THE TASK:
Below are several records. Retype exactly those lines running from the one with "#20588=CARTESIAN_POINT('',(38.5,49.5,29.));" through the one with "#20784=DIRECTION('',(-1.,0.,0.));", end lines included, and no others.
══════
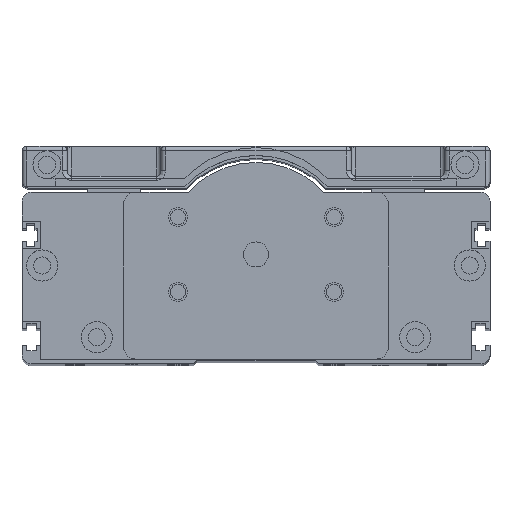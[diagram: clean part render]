
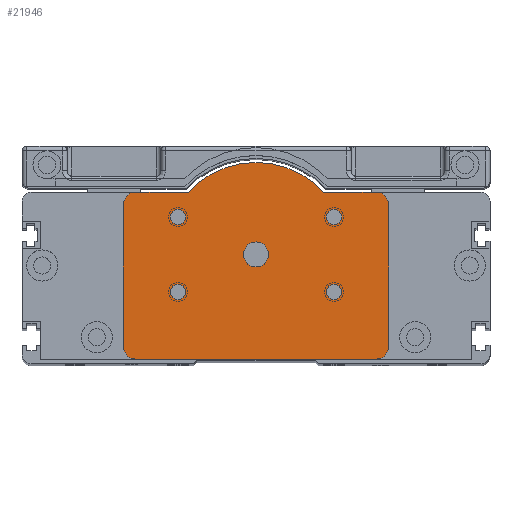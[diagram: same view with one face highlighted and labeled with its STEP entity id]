
A CAD part, top view. The second image highlights one B-rep face of the part: STEP entity #21946.
In plain terms, the highlighted planar face has unit normal (0, 0, 1).
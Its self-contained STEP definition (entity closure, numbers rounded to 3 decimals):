
#20588=CARTESIAN_POINT('',(38.5,49.5,29.));
#20589=DIRECTION('',(0.,0.,1.));
#20590=DIRECTION('',(1.,0.,0.));
#20591=AXIS2_PLACEMENT_3D('',#20588,#20589,#20590);
#20597=CARTESIAN_POINT('',(38.5,4.,29.));
#20598=DIRECTION('',(0.,0.,1.));
#20599=DIRECTION('',(0.,-1.,0.));
#20600=AXIS2_PLACEMENT_3D('',#20597,#20598,#20599);
#20749=CARTESIAN_POINT('',(-38.5,49.5,29.));
#20750=DIRECTION('',(0.,0.,1.));
#20751=DIRECTION('',(0.,1.,0.));
#20752=AXIS2_PLACEMENT_3D('',#20749,#20750,#20751);
#20763=DIRECTION('',(0.,1.,0.));
#20764=VECTOR('',#20763,45.5);
#20765=CARTESIAN_POINT('',(42.5,4.,29.));
#20766=LINE('',#20765,#20764);
#20767=DIRECTION('',(1.,0.,0.));
#20768=VECTOR('',#20767,77.);
#20769=CARTESIAN_POINT('',(-38.5,0.,29.));
#20770=LINE('',#20769,#20768);
#20771=DIRECTION('',(0.,1.,0.));
#20772=VECTOR('',#20771,45.5);
#20773=CARTESIAN_POINT('',(-42.5,4.,29.));
#20774=LINE('',#20773,#20772);
#20775=DIRECTION('',(-1.,0.,0.));
#20776=VECTOR('',#20775,16.815);
#20777=CARTESIAN_POINT('',(-21.685,53.5,29.));
#20778=LINE('',#20777,#20776);
#20779=CARTESIAN_POINT('',(0.,33.5,29.));
#20780=DIRECTION('',(0.,0.,1.));
#20781=DIRECTION('',(0.735,0.678,0.));
#20782=AXIS2_PLACEMENT_3D('',#20779,#20780,#20781);
#20784=DIRECTION('',(-1.,0.,0.));
#20785=VECTOR('',#20784,16.815);
#20786=CARTESIAN_POINT('',(38.5,53.5,29.));
#20787=LINE('',#20786,#20785);
#20788=CARTESIAN_POINT('',(0.,33.5,29.));
#20789=DIRECTION('',(0.,0.,1.));
#20790=DIRECTION('',(1.,0.,0.));
#20791=AXIS2_PLACEMENT_3D('',#20788,#20789,#20790);
#20793=CARTESIAN_POINT('',(0.,33.5,29.));
#20794=DIRECTION('',(0.,0.,1.));
#20795=DIRECTION('',(-1.,0.,0.));
#20796=AXIS2_PLACEMENT_3D('',#20793,#20794,#20795);
#20798=CARTESIAN_POINT('',(25.,45.5,29.));
#20799=DIRECTION('',(0.,0.,-1.));
#20800=DIRECTION('',(-1.,0.,0.));
#20801=AXIS2_PLACEMENT_3D('',#20798,#20799,#20800);
#20803=CARTESIAN_POINT('',(25.,45.5,29.));
#20804=DIRECTION('',(0.,0.,-1.));
#20805=DIRECTION('',(1.,0.,0.));
#20806=AXIS2_PLACEMENT_3D('',#20803,#20804,#20805);
#20808=CARTESIAN_POINT('',(25.,21.5,29.));
#20809=DIRECTION('',(0.,0.,1.));
#20810=DIRECTION('',(-1.,0.,0.));
#20811=AXIS2_PLACEMENT_3D('',#20808,#20809,#20810);
#20813=CARTESIAN_POINT('',(25.,21.5,29.));
#20814=DIRECTION('',(0.,0.,1.));
#20815=DIRECTION('',(1.,0.,0.));
#20816=AXIS2_PLACEMENT_3D('',#20813,#20814,#20815);
#20818=CARTESIAN_POINT('',(-25.,45.5,29.));
#20819=DIRECTION('',(0.,0.,1.));
#20820=DIRECTION('',(1.,0.,0.));
#20821=AXIS2_PLACEMENT_3D('',#20818,#20819,#20820);
#20823=CARTESIAN_POINT('',(-25.,45.5,29.));
#20824=DIRECTION('',(0.,0.,1.));
#20825=DIRECTION('',(-1.,0.,0.));
#20826=AXIS2_PLACEMENT_3D('',#20823,#20824,#20825);
#20828=CARTESIAN_POINT('',(-25.,21.5,29.));
#20829=DIRECTION('',(0.,0.,-1.));
#20830=DIRECTION('',(1.,0.,0.));
#20831=AXIS2_PLACEMENT_3D('',#20828,#20829,#20830);
#20833=CARTESIAN_POINT('',(-25.,21.5,29.));
#20834=DIRECTION('',(0.,0.,-1.));
#20835=DIRECTION('',(-1.,0.,0.));
#20836=AXIS2_PLACEMENT_3D('',#20833,#20834,#20835);
#20851=CARTESIAN_POINT('',(-38.5,4.,29.));
#20852=DIRECTION('',(0.,0.,1.));
#20853=DIRECTION('',(-1.,0.,0.));
#20854=AXIS2_PLACEMENT_3D('',#20851,#20852,#20853);
#21080=CARTESIAN_POINT('',(21.685,53.5,29.));
#21081=CARTESIAN_POINT('',(-21.685,53.5,29.));
#21082=VERTEX_POINT('',#21080);
#21083=VERTEX_POINT('',#21081);
#21128=CARTESIAN_POINT('',(38.5,53.5,29.));
#21130=VERTEX_POINT('',#21128);
#21132=CARTESIAN_POINT('',(42.5,49.5,29.));
#21134=VERTEX_POINT('',#21132);
#21137=CARTESIAN_POINT('',(38.5,0.,29.));
#21139=VERTEX_POINT('',#21137);
#21140=CARTESIAN_POINT('',(42.5,4.,29.));
#21141=VERTEX_POINT('',#21140);
#21145=CARTESIAN_POINT('',(-38.5,53.5,29.));
#21147=VERTEX_POINT('',#21145);
#21148=CARTESIAN_POINT('',(-42.5,49.5,29.));
#21149=VERTEX_POINT('',#21148);
#21152=CARTESIAN_POINT('',(-38.5,0.,29.));
#21154=VERTEX_POINT('',#21152);
#21156=CARTESIAN_POINT('',(-42.5,4.,29.));
#21158=VERTEX_POINT('',#21156);
#21168=CARTESIAN_POINT('',(22.5,45.5,29.));
#21169=CARTESIAN_POINT('',(27.5,45.5,29.));
#21170=VERTEX_POINT('',#21168);
#21171=VERTEX_POINT('',#21169);
#21176=CARTESIAN_POINT('',(22.5,21.5,29.));
#21177=CARTESIAN_POINT('',(27.5,21.5,29.));
#21178=VERTEX_POINT('',#21176);
#21179=VERTEX_POINT('',#21177);
#21184=CARTESIAN_POINT('',(-22.5,45.5,29.));
#21185=CARTESIAN_POINT('',(-27.5,45.5,29.));
#21186=VERTEX_POINT('',#21184);
#21187=VERTEX_POINT('',#21185);
#21192=CARTESIAN_POINT('',(-22.5,21.5,29.));
#21193=CARTESIAN_POINT('',(-27.5,21.5,29.));
#21194=VERTEX_POINT('',#21192);
#21195=VERTEX_POINT('',#21193);
#21316=CARTESIAN_POINT('',(4.,33.5,29.));
#21317=CARTESIAN_POINT('',(-4.,33.5,29.));
#21318=VERTEX_POINT('',#21316);
#21319=VERTEX_POINT('',#21317);
#21896=CARTESIAN_POINT('',(0.,0.,29.));
#21897=DIRECTION('',(0.,0.,1.));
#21898=DIRECTION('',(1.,0.,0.));
#21899=AXIS2_PLACEMENT_3D('',#21896,#21897,#21898);
#21900=PLANE('',#21899);
#21901=ORIENTED_EDGE('',*,*,#21636,.F.);
#21902=ORIENTED_EDGE('',*,*,#21650,.F.);
#21903=ORIENTED_EDGE('',*,*,#21662,.F.);
#21904=ORIENTED_EDGE('',*,*,#21680,.F.);
#21906=ORIENTED_EDGE('',*,*,#21905,.F.);
#21908=ORIENTED_EDGE('',*,*,#21907,.T.);
#21909=ORIENTED_EDGE('',*,*,#21888,.F.);
#21910=ORIENTED_EDGE('',*,*,#21622,.F.);
#21912=ORIENTED_EDGE('',*,*,#21911,.F.);
#21913=ORIENTED_EDGE('',*,*,#21590,.F.);
#21914=EDGE_LOOP('',(#21901,#21902,#21903,#21904,#21906,#21908,#21909,#21910,
#21912,#21913));
#21915=FACE_OUTER_BOUND('',#21914,.F.);
#21917=ORIENTED_EDGE('',*,*,#21916,.T.);
#21919=ORIENTED_EDGE('',*,*,#21918,.T.);
#21920=EDGE_LOOP('',(#21917,#21919));
#21921=FACE_BOUND('',#21920,.F.);
#21923=ORIENTED_EDGE('',*,*,#21922,.F.);
#21925=ORIENTED_EDGE('',*,*,#21924,.F.);
#21926=EDGE_LOOP('',(#21923,#21925));
#21927=FACE_BOUND('',#21926,.F.);
#21929=ORIENTED_EDGE('',*,*,#21928,.T.);
#21931=ORIENTED_EDGE('',*,*,#21930,.T.);
#21932=EDGE_LOOP('',(#21929,#21931));
#21933=FACE_BOUND('',#21932,.F.);
#21935=ORIENTED_EDGE('',*,*,#21934,.T.);
#21937=ORIENTED_EDGE('',*,*,#21936,.T.);
#21938=EDGE_LOOP('',(#21935,#21937));
#21939=FACE_BOUND('',#21938,.F.);
#21941=ORIENTED_EDGE('',*,*,#21940,.F.);
#21943=ORIENTED_EDGE('',*,*,#21942,.F.);
#21944=EDGE_LOOP('',(#21941,#21943));
#21945=FACE_BOUND('',#21944,.F.);
#21946=ADVANCED_FACE('',(#21915,#21921,#21927,#21933,#21939,#21945),#21900,.T.);
#20592=CIRCLE('',#20591,4.);
#20601=CIRCLE('',#20600,4.);
#20753=CIRCLE('',#20752,4.);
#20783=CIRCLE('',#20782,29.5);
#20792=CIRCLE('',#20791,4.);
#20797=CIRCLE('',#20796,4.);
#20802=CIRCLE('',#20801,2.5);
#20807=CIRCLE('',#20806,2.5);
#20812=CIRCLE('',#20811,2.5);
#20817=CIRCLE('',#20816,2.5);
#20822=CIRCLE('',#20821,2.5);
#20827=CIRCLE('',#20826,2.5);
#20832=CIRCLE('',#20831,2.5);
#20837=CIRCLE('',#20836,2.5);
#20855=CIRCLE('',#20854,4.);
#21590=EDGE_CURVE('',#21130,#21082,#20787,.T.);
#21622=EDGE_CURVE('',#21083,#21147,#20778,.T.);
#21636=EDGE_CURVE('',#21134,#21130,#20592,.T.);
#21650=EDGE_CURVE('',#21141,#21134,#20766,.T.);
#21662=EDGE_CURVE('',#21139,#21141,#20601,.T.);
#21680=EDGE_CURVE('',#21154,#21139,#20770,.T.);
#21888=EDGE_CURVE('',#21147,#21149,#20753,.T.);
#21905=EDGE_CURVE('',#21158,#21154,#20855,.T.);
#21907=EDGE_CURVE('',#21158,#21149,#20774,.T.);
#21911=EDGE_CURVE('',#21082,#21083,#20783,.T.);
#21916=EDGE_CURVE('',#21318,#21319,#20792,.T.);
#21918=EDGE_CURVE('',#21319,#21318,#20797,.T.);
#21922=EDGE_CURVE('',#21170,#21171,#20802,.T.);
#21924=EDGE_CURVE('',#21171,#21170,#20807,.T.);
#21928=EDGE_CURVE('',#21178,#21179,#20812,.T.);
#21930=EDGE_CURVE('',#21179,#21178,#20817,.T.);
#21934=EDGE_CURVE('',#21186,#21187,#20822,.T.);
#21936=EDGE_CURVE('',#21187,#21186,#20827,.T.);
#21940=EDGE_CURVE('',#21194,#21195,#20832,.T.);
#21942=EDGE_CURVE('',#21195,#21194,#20837,.T.);
══════
ANSWER TO THIS TASK:
#20588=CARTESIAN_POINT('',(38.5,49.5,29.));
#20589=DIRECTION('',(0.,0.,1.));
#20590=DIRECTION('',(1.,0.,0.));
#20591=AXIS2_PLACEMENT_3D('',#20588,#20589,#20590);
#20597=CARTESIAN_POINT('',(38.5,4.,29.));
#20598=DIRECTION('',(0.,0.,1.));
#20599=DIRECTION('',(0.,-1.,0.));
#20600=AXIS2_PLACEMENT_3D('',#20597,#20598,#20599);
#20749=CARTESIAN_POINT('',(-38.5,49.5,29.));
#20750=DIRECTION('',(0.,0.,1.));
#20751=DIRECTION('',(0.,1.,0.));
#20752=AXIS2_PLACEMENT_3D('',#20749,#20750,#20751);
#20763=DIRECTION('',(0.,1.,0.));
#20764=VECTOR('',#20763,45.5);
#20765=CARTESIAN_POINT('',(42.5,4.,29.));
#20766=LINE('',#20765,#20764);
#20767=DIRECTION('',(1.,0.,0.));
#20768=VECTOR('',#20767,77.);
#20769=CARTESIAN_POINT('',(-38.5,0.,29.));
#20770=LINE('',#20769,#20768);
#20771=DIRECTION('',(0.,1.,0.));
#20772=VECTOR('',#20771,45.5);
#20773=CARTESIAN_POINT('',(-42.5,4.,29.));
#20774=LINE('',#20773,#20772);
#20775=DIRECTION('',(-1.,0.,0.));
#20776=VECTOR('',#20775,16.815);
#20777=CARTESIAN_POINT('',(-21.685,53.5,29.));
#20778=LINE('',#20777,#20776);
#20779=CARTESIAN_POINT('',(0.,33.5,29.));
#20780=DIRECTION('',(0.,0.,1.));
#20781=DIRECTION('',(0.735,0.678,0.));
#20782=AXIS2_PLACEMENT_3D('',#20779,#20780,#20781);
#20784=DIRECTION('',(-1.,0.,0.));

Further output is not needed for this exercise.